▸ What you have to do: In the copy, keep every line below as it is and leave out the pictures.

▸ Supplied records:

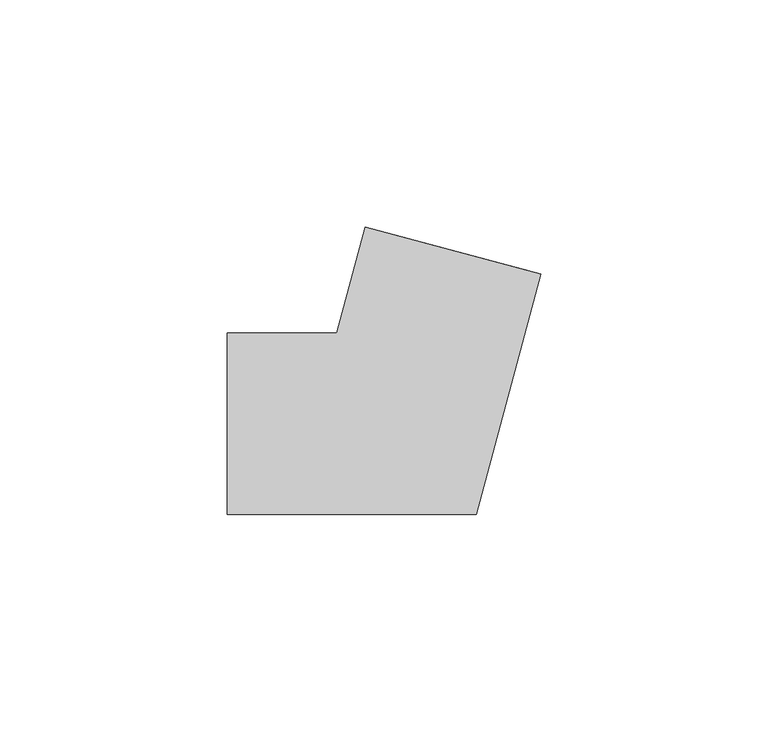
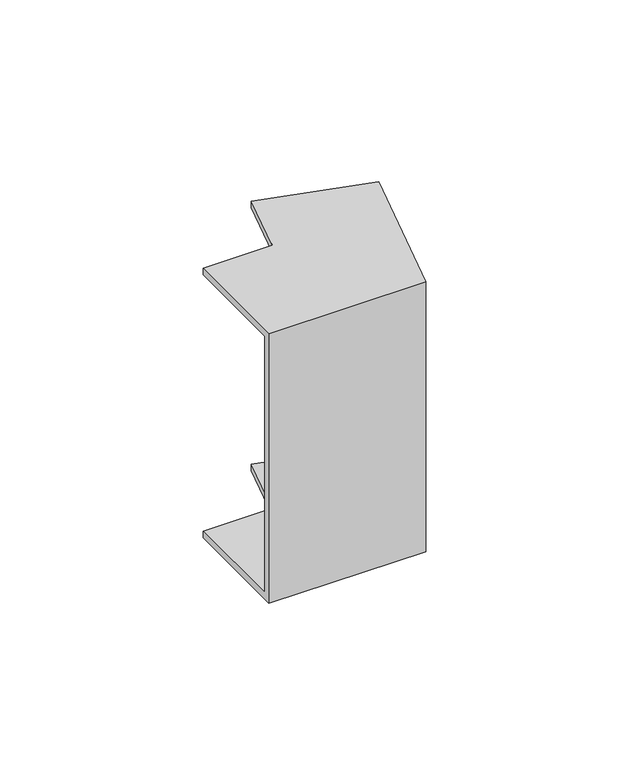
"""IFC4 building model written with IfcOpenShell, lengths in millimetres: cable carrier fitting geometry, КНС_УголВнутренний_ILC_DKC : Угол внутренний_DKC."""

from ifc_helpers import new_model, si_unit, origin, place, context, project, spatial, faceted_brep, source, transform, mapped, element, save


def cable_carrier_fitting_9e77377e(model_context):
    return source(origin(), model_context, "Body", "Brep", [
        faceted_brep([(-39.5297145, -20.0, 50.0), (-39.5297145, 20.0, 50.0), (-39.5297145, 20.0, 47.5), (-39.5297145, -17.5, 47.5), (-39.5297145, -17.5, -47.5), (-39.5297145, 20.0, -47.5), (-39.5297145, 20.0, -50.0), (-39.5297145, -20.0, -50.0), (29.5495595, 33.0063912, 50.0), (29.5495595, 33.0063912, -50.0), (-9.0874736, 43.359153, -50.0), (-9.0874736, 43.359153, -47.5), (27.1347449, 33.6534388, -47.5), (27.1347449, 33.6534388, 47.5), (-9.0874736, 43.359153, 47.5), (-9.0874736, 43.359153, 50.0), (15.3465398, -20.0, 50.0), (-15.3465398, 20.0, 50.0), (-15.3465398, 20.0, 47.5), (13.4282223, -17.5, 47.5), (13.4282223, -17.5, -47.5), (-15.3465398, 20.0, -47.5), (-15.3465398, 20.0, -50.0), (15.3465398, -20.0, -50.0)], [[[0, 1, 2, 3, 4, 5, 6, 7]], [[8, 9, 10, 11, 12, 13, 14, 15]], [[1, 0, 16, 8, 15, 17]], [[2, 1, 17, 18]], [[3, 2, 18, 14, 13, 19]], [[4, 3, 19, 20]], [[5, 4, 20, 12, 11, 21]], [[6, 5, 21, 22]], [[7, 6, 22, 10, 9, 23]], [[0, 7, 23, 16]], [[18, 17, 15, 14]], [[20, 19, 13, 12]], [[22, 21, 11, 10]], [[16, 23, 9, 8]]]),
    ])


if __name__ == "__main__":
    model = new_model("IFC4")
    model_context = context("Model", 3, world=origin())
    ifc_project = project(units=[si_unit("LENGTHUNIT", "METRE", prefix="MILLI")], contexts=[model_context])
    site = spatial("IfcSite", under=ifc_project)
    building = spatial("IfcBuilding", under=site)
    placement = place(None, origin())
    cable_carrier_fitting_shape = cable_carrier_fitting_9e77377e(model_context)
    element("IfcCableCarrierFitting", 1, ObjectType="КНС_УголВнутренний_ILC_DKC : Угол внутренний_DKC", at=placement, inside=building, context=model_context, shape_type="MappedRepresentation", body=[
        mapped(cable_carrier_fitting_shape, transform((0.0, 0.0, 0.0), x_axis=(1.0, 0.0, 0.0), y_axis=(0.0, 1.0, 0.0), z_axis=(0.0, 0.0, 1.0))),
    ])
    save(model, "model.ifc")

▸ Written reply:
"""IFC4 building model written with IfcOpenShell, lengths in millimetres: cable carrier fitting geometry, КНС_УголВнутренний_ILC_DKC : Угол внутренний_DKC."""

from ifc_helpers import new_model, si_unit, origin, place, context, project, spatial, faceted_brep, source, transform, mapped, element, save


def cable_carrier_fitting_9e77377e(model_context):
    return source(origin(), model_context, "Body", "Brep", [
        faceted_brep([(-39.5297145, -20.0, 50.0), (-39.5297145, 20.0, 50.0), (-39.5297145, 20.0, 47.5), (-39.5297145, -17.5, 47.5), (-39.5297145, -17.5, -47.5), (-39.5297145, 20.0, -47.5), (-39.5297145, 20.0, -50.0), (-39.5297145, -20.0, -50.0), (29.5495595, 33.0063912, 50.0), (29.5495595, 33.0063912, -50.0), (-9.0874736, 43.359153, -50.0), (-9.0874736, 43.359153, -47.5), (27.1347449, 33.6534388, -47.5), (27.1347449, 33.6534388, 47.5), (-9.0874736, 43.359153, 47.5), (-9.0874736, 43.359153, 50.0), (15.3465398, -20.0, 50.0), (-15.3465398, 20.0, 50.0), (-15.3465398, 20.0, 47.5), (13.4282223, -17.5, 47.5), (13.4282223, -17.5, -47.5), (-15.3465398, 20.0, -47.5), (-15.3465398, 20.0, -50.0), (15.3465398, -20.0, -50.0)], [[[0, 1, 2, 3, 4, 5, 6, 7]], [[8, 9, 10, 11, 12, 13, 14, 15]], [[1, 0, 16, 8, 15, 17]], [[2, 1, 17, 18]], [[3, 2, 18, 14, 13, 19]], [[4, 3, 19, 20]], [[5, 4, 20, 12, 11, 21]], [[6, 5, 21, 22]], [[7, 6, 22, 10, 9, 23]], [[0, 7, 23, 16]], [[18, 17, 15, 14]], [[20, 19, 13, 12]], [[22, 21, 11, 10]], [[16, 23, 9, 8]]]),
    ])


if __name__ == "__main__":
    model = new_model("IFC4")
    model_context = context("Model", 3, world=origin())
    ifc_project = project(units=[si_unit("LENGTHUNIT", "METRE", prefix="MILLI")], contexts=[model_context])
    site = spatial("IfcSite", under=ifc_project)
    building = spatial("IfcBuilding", under=site)
    placement = place(None, origin())
    cable_carrier_fitting_shape = cable_carrier_fitting_9e77377e(model_context)
    element("IfcCableCarrierFitting", 1, ObjectType="КНС_УголВнутренний_ILC_DKC : Угол внутренний_DKC", at=placement, inside=building, context=model_context, shape_type="MappedRepresentation", body=[
        mapped(cable_carrier_fitting_shape, transform((0.0, 0.0, 0.0), x_axis=(1.0, 0.0, 0.0), y_axis=(0.0, 1.0, 0.0), z_axis=(0.0, 0.0, 1.0))),
    ])
    save(model, "model.ifc")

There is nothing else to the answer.